Она взглянула на него с выражением полной готовности; но в ее взгляде не было ничего заискивающего. В этой девушке чувствовалось большое внутреннее достоинство.
— Только это… по-французски, — сказал он осторожно.
— По-французски, — повторила она и немного задумалась. — Боюсь, будут ошибочки…
— Это не важно!
— Письмо не официальное?
— Нет, нисколько!.. Чисто дружеское…
Вадим Петрович немного запнулся…
— Попробую… Вы не взыщите…
— Почерк у вас разборчивый?
— Кажется.
— Это главное.
И мысленно он добавил:
«Можно так продиктовать, что она не догадается, к кому обращено — к мужчине или к женщине, а потом я карандашом выведу в начале письма: „Ma chére amiе“».[10]
Вера Ивановна села к письменному столу и открыла дорожный бювар Стягина, где лежали листки матовой бумаги и конверты с его монограммой.
— Я готова, Вадим Петрович, — выговорила она и обмакнула перо.
Стягин весь подобрался и немного даже покраснел. Он искал первую фразу письма.
— Je vous annonce, chére amie,[11] — начал он и тотчас прервал себя.
Слова «chére amie» вылетели непроизвольно, и это сильно раздосадовало его. Он их произнес с чисто французскою отчетливостью — протянул последний слог в слове «amie», с ударением на «е». Ясно стало, что он пишет женщине.
— Chére amie, — повторила Вера Ивановна. — Я написала…
Было уже бесполезно искать каких-нибудь уловок. Это его успокоило, и он продолжал диктовать. Федюкова, конечно, могла подумать, что он пишет своей возлюбленной и сожительнице, — она знала, что он не женат, — но в тоне его письма ничего не было такого, чего бы нельзя написать близкой знакомой или родственнице.
Вадим Петрович несколько раз повторил в письме, что ехать ей в Россию нет теперь надобности, что ему лучше, и он надеется, через две-три недели, быть в Париже.
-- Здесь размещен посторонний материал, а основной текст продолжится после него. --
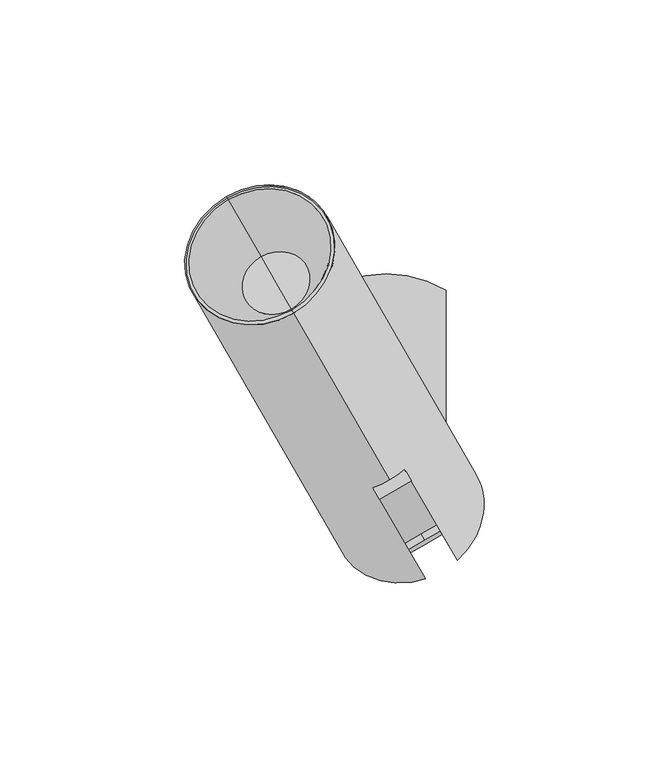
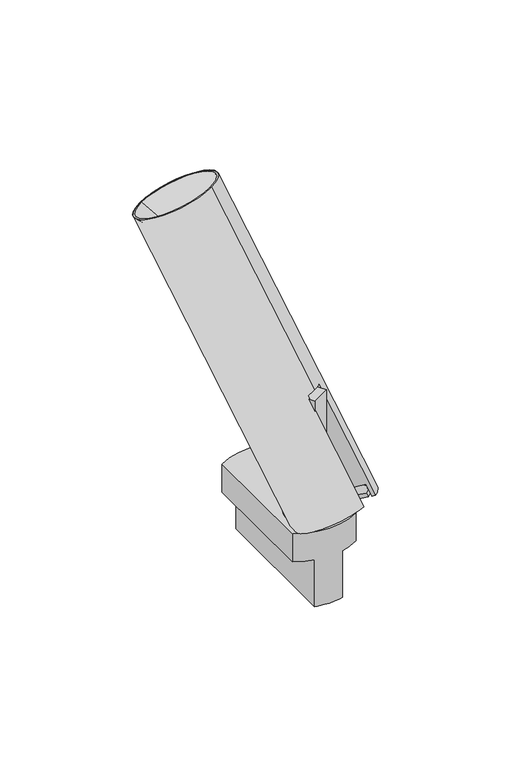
"""IFC4 building model written with IfcOpenShell, lengths in millimetres: light fixture geometry, PIPES T XS : 630lm 7,8W 840 38°."""

import ifcopenshell
import ifcopenshell.guid

model = None  # the IFC model being written
_history = None  # IfcOwnerHistory: only IFC2X3 demands one
_inside = {}  # id of a spatial element -> (the spatial element, [elements in it])
_under = {}  # id of a project, library or spatial element -> (it, [spatial elements below it])
_declared = {}  # id of a project -> (the project, [libraries it declares])
_typed = {}  # id of a type object -> (the type object, [elements of that type])
_made_of = {}  # id of a material, layer set ... -> (it, [elements and type objects made of it])


def new_model(schema):
    """Start an empty IFC model of exactly this schema.

    Asked for "IFC4X3", IfcOpenShell would pick the latest addendum, in which some entities
    have other attributes; the version numbers below select the first issue.
    IFC2X3 requires an IfcOwnerHistory on every rooted entity: one is made here for all.
    """
    global model, _history
    if schema == "IFC4X3":
        model = ifcopenshell.file(schema_version=(4, 3, 0, 0))
    else:
        model = ifcopenshell.file(schema=schema)
    _inside.clear()
    _under.clear()
    _declared.clear()
    _typed.clear()
    _made_of.clear()
    _history = None
    if model.schema == "IFC2X3":
        org = make("IfcOrganization", Name="unknown")
        user = make(
            "IfcPersonAndOrganization",
            ThePerson=make("IfcPerson", FamilyName="unknown"),
            TheOrganization=org,
        )
        app = make(
            "IfcApplication",
            ApplicationDeveloper=org,
            Version="unknown",
            ApplicationFullName="unknown",
            ApplicationIdentifier="unknown",
        )
        _history = make(
            "IfcOwnerHistory",
            OwningUser=user,
            OwningApplication=app,
            ChangeAction="ADDED",
            CreationDate=0,
        )
    return model


def make(cls, **values):
    """One entity of the class cls with the attributes given. An attribute that is None is left unset."""
    return model.create_entity(
        cls, **{name: value for name, value in values.items() if value is not None}
    )


def rooted(cls, **values):
    """An entity with a GlobalId (a new one), such as an element, a storey or a relation."""
    return make(cls, GlobalId=ifcopenshell.guid.new(), OwnerHistory=_history, **values)


def si_unit(unit_type, name, prefix=None):
    """IfcSIUnit, for example si_unit("LENGTHUNIT", "METRE", prefix="MILLI")."""
    return make("IfcSIUnit", UnitType=unit_type, Prefix=prefix, Name=name)


def assignment(units):
    """IfcUnitAssignment: the units of a project."""
    return None if units is None else make("IfcUnitAssignment", Units=units)


def point(xyz):
    """IfcCartesianPoint."""
    return None if xyz is None else make("IfcCartesianPoint", Coordinates=xyz)


def direction(xyz):
    """IfcDirection."""
    return None if xyz is None else make("IfcDirection", DirectionRatios=xyz)


def frame(location, z_axis=None, x_axis=None):
    """IfcAxis2Placement3D, a coordinate frame: its origin and axes. An axis left out is left unset."""
    return make(
        "IfcAxis2Placement3D",
        Location=point(location),
        Axis=direction(z_axis),
        RefDirection=direction(x_axis),
    )


def frame_2d(location, x_axis=None):
    """IfcAxis2Placement2D, a coordinate frame in the plane: its origin and x axis."""
    return make(
        "IfcAxis2Placement2D", Location=point(location), RefDirection=direction(x_axis)
    )


def origin():
    """The frame at (0, 0, 0) with its axes left unset."""
    return frame((0.0, 0.0, 0.0))


def origin_2d():
    """The frame at (0, 0) in the plane with its x axis left unset."""
    return frame_2d((0.0, 0.0))


def place(relative_to, where):
    """IfcLocalPlacement: puts the frame where relative to a parent placement (None: the world)."""
    return make(
        "IfcLocalPlacement", PlacementRelTo=relative_to, RelativePlacement=where
    )


def context(
    kind, dimensions, precision=None, world=None, true_north=None, identifier=None
):
    """IfcGeometricRepresentationContext, for example the 3D "Model" context."""
    return make(
        "IfcGeometricRepresentationContext",
        ContextIdentifier=identifier,
        ContextType=kind,
        CoordinateSpaceDimension=dimensions,
        Precision=precision,
        WorldCoordinateSystem=world,
        TrueNorth=true_north,
    )


def project(units=None, contexts=None):
    """IfcProject with its units and contexts."""
    return rooted(
        "IfcProject",
        Name="project",
        RepresentationContexts=contexts,
        UnitsInContext=assignment(units),
    )


def spatial(cls, under=None, at=None, **own):
    """A site, building, storey or space (cls), placed at a placement, below another one or the project."""
    s = rooted(cls, ObjectPlacement=at, **own)
    if under is not None:
        _under.setdefault(under.id(), (under, []))[1].append(s)
    return s


def polyline(points):
    """IfcPolyline through the points."""
    return make("IfcPolyline", Points=[point(p) for p in points])


def circle_curve(where, radius):
    """IfcCircle in the frame where."""
    return make("IfcCircle", Position=where, Radius=radius)


def trimmed(basis, trim1, trim2, sense, master):
    """IfcTrimmedCurve: the piece of a basis curve between two trims."""
    return make(
        "IfcTrimmedCurve",
        BasisCurve=basis,
        Trim1=trim1,
        Trim2=trim2,
        SenseAgreement=sense,
        MasterRepresentation=master,
    )


def segment(curve, same_sense, transition):
    """IfcCompositeCurveSegment."""
    return make(
        "IfcCompositeCurveSegment",
        Transition=transition,
        SameSense=same_sense,
        ParentCurve=curve,
    )


def composite_curve(segments, self_intersect=None):
    """IfcCompositeCurve: segments joined end to end."""
    return make("IfcCompositeCurve", Segments=segments, SelfIntersect=self_intersect)


def outline(outer, holes=None, kind="AREA"):
    """IfcArbitraryClosedProfileDef: a profile drawn as a closed curve; with holes, ...WithVoids."""
    if holes is None:
        return make("IfcArbitraryClosedProfileDef", ProfileType=kind, OuterCurve=outer)
    return make(
        "IfcArbitraryProfileDefWithVoids",
        ProfileType=kind,
        OuterCurve=outer,
        InnerCurves=holes,
    )


def extrude(swept, where, along, depth):
    """IfcExtrudedAreaSolid: the profile swept, set in the frame where, extruded along a direction by depth."""
    return make(
        "IfcExtrudedAreaSolid",
        SweptArea=swept,
        Position=where,
        ExtrudedDirection=direction(along),
        Depth=depth,
    )


def shape(context_of_items, identifier, shape_type, items):
    """IfcShapeRepresentation: the items that make up one representation, for example the "Body"."""
    return make(
        "IfcShapeRepresentation",
        ContextOfItems=context_of_items,
        RepresentationIdentifier=identifier,
        RepresentationType=shape_type,
        Items=items,
    )


def source(mapping_origin, context_of_items, identifier, shape_type, items):
    """IfcRepresentationMap: a shape defined once, which mapped items show again and again."""
    return make(
        "IfcRepresentationMap",
        MappingOrigin=mapping_origin,
        MappedRepresentation=shape(context_of_items, identifier, shape_type, items),
    )


def transform(
    local_origin,
    x_axis=None,
    y_axis=None,
    z_axis=None,
    scale=None,
    scale2=None,
    scale3=None,
    uniform=True,
):
    """IfcCartesianTransformationOperator3D, or its non-uniform kind. x_axis, y_axis, z_axis: its Axis1, 2, 3."""
    if uniform:
        return make(
            "IfcCartesianTransformationOperator3D",
            Axis1=direction(x_axis),
            Axis2=direction(y_axis),
            LocalOrigin=point(local_origin),
            Scale=scale,
            Axis3=direction(z_axis),
        )
    return make(
        "IfcCartesianTransformationOperator3DnonUniform",
        Axis1=direction(x_axis),
        Axis2=direction(y_axis),
        LocalOrigin=point(local_origin),
        Scale=scale,
        Axis3=direction(z_axis),
        Scale2=scale2,
        Scale3=scale3,
    )


def mapped(mapping_source, mapping_target):
    """IfcMappedItem: shows the shape of a source again, moved by a transform."""
    return make(
        "IfcMappedItem", MappingSource=mapping_source, MappingTarget=mapping_target
    )


def made_of(thing, what):
    """Note that an element or type object is made of a material, layer set ...; save() writes the relation."""
    if what is not None:
        _made_of.setdefault(what.id(), (what, []))[1].append(thing)
    return thing


def element(
    cls,
    number,
    at=None,
    inside=None,
    cuts=None,
    type_object=None,
    material=None,
    context=None,
    identifier="Body",
    shape_type=None,
    held_by="IfcProductDefinitionShape",
    body=None,
    shapes=None,
    **own,
):
    """One element of the class cls, such as IfcWall. Its Tag is "e" and its number.

    at: its placement. inside: the storey or other place that contains it. cuts: it is an
    opening in that element (IfcRelVoidsElement). A single representation is given by context,
    identifier, shape_type and body (its items); several are given by shapes. held_by: the class
    of the entity that holds the representations. save() writes the other relations.
    """
    e = rooted(cls, Tag="e%d" % number, ObjectPlacement=at, **own)
    if body is not None:
        shapes = [shape(context, identifier, shape_type, body)]
    if shapes is not None:
        e.Representation = make(held_by, Representations=shapes)
    if inside is not None:
        _inside.setdefault(inside.id(), (inside, []))[1].append(e)
    if cuts is not None:
        rooted(
            "IfcRelVoidsElement", RelatingBuildingElement=cuts, RelatedOpeningElement=e
        )
    if type_object is not None:
        _typed.setdefault(type_object.id(), (type_object, []))[1].append(e)
    return made_of(e, material)


def aggregate(whole, parts):
    """IfcRelAggregates: a whole, such as a stair, and the parts it consists of."""
    return rooted("IfcRelAggregates", RelatingObject=whole, RelatedObjects=parts)


def save(model, path):
    """Write the relations noted so far, then the file.

    IfcRelAggregates (storeys below a building ...), IfcRelContainedInSpatialStructure (elements
    in a storey), IfcRelDefinesByType, IfcRelAssociatesMaterial and IfcRelDeclares: one each for
    every whole, place, type object, material and project.
    """
    for whole, parts in _under.values():
        aggregate(whole, parts)
    for where, things in _inside.values():
        rooted(
            "IfcRelContainedInSpatialStructure",
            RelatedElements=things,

Диктовал он с умышленною медленностью, и Федюкова несколько раз говорила, поворачивая голову в его сторону:
— Есть!
Когда письмо было кончено, Вадим Петрович сказал чтице:
— Адрес после…
Ему не хотелось, чтобы она узнала имя, фамилию и адрес той женщины.
— Очень вам благодарен, — сказал он с ударением и весь вытянулся.
В ногах он чувствовал маленькую неловкость, но общим своим состоянием был сегодня особенно доволен.
— Теперь почитаем еще немного, если вы не устали, Вера Ивановна.
— Нисколько!
Она взяла опять газету. Стягин опустил голову на подушку и закрыл глаза. Русское чтение вслух, от которого он отвык, вызывало в нем дремоту, не достаточно будило его мозг.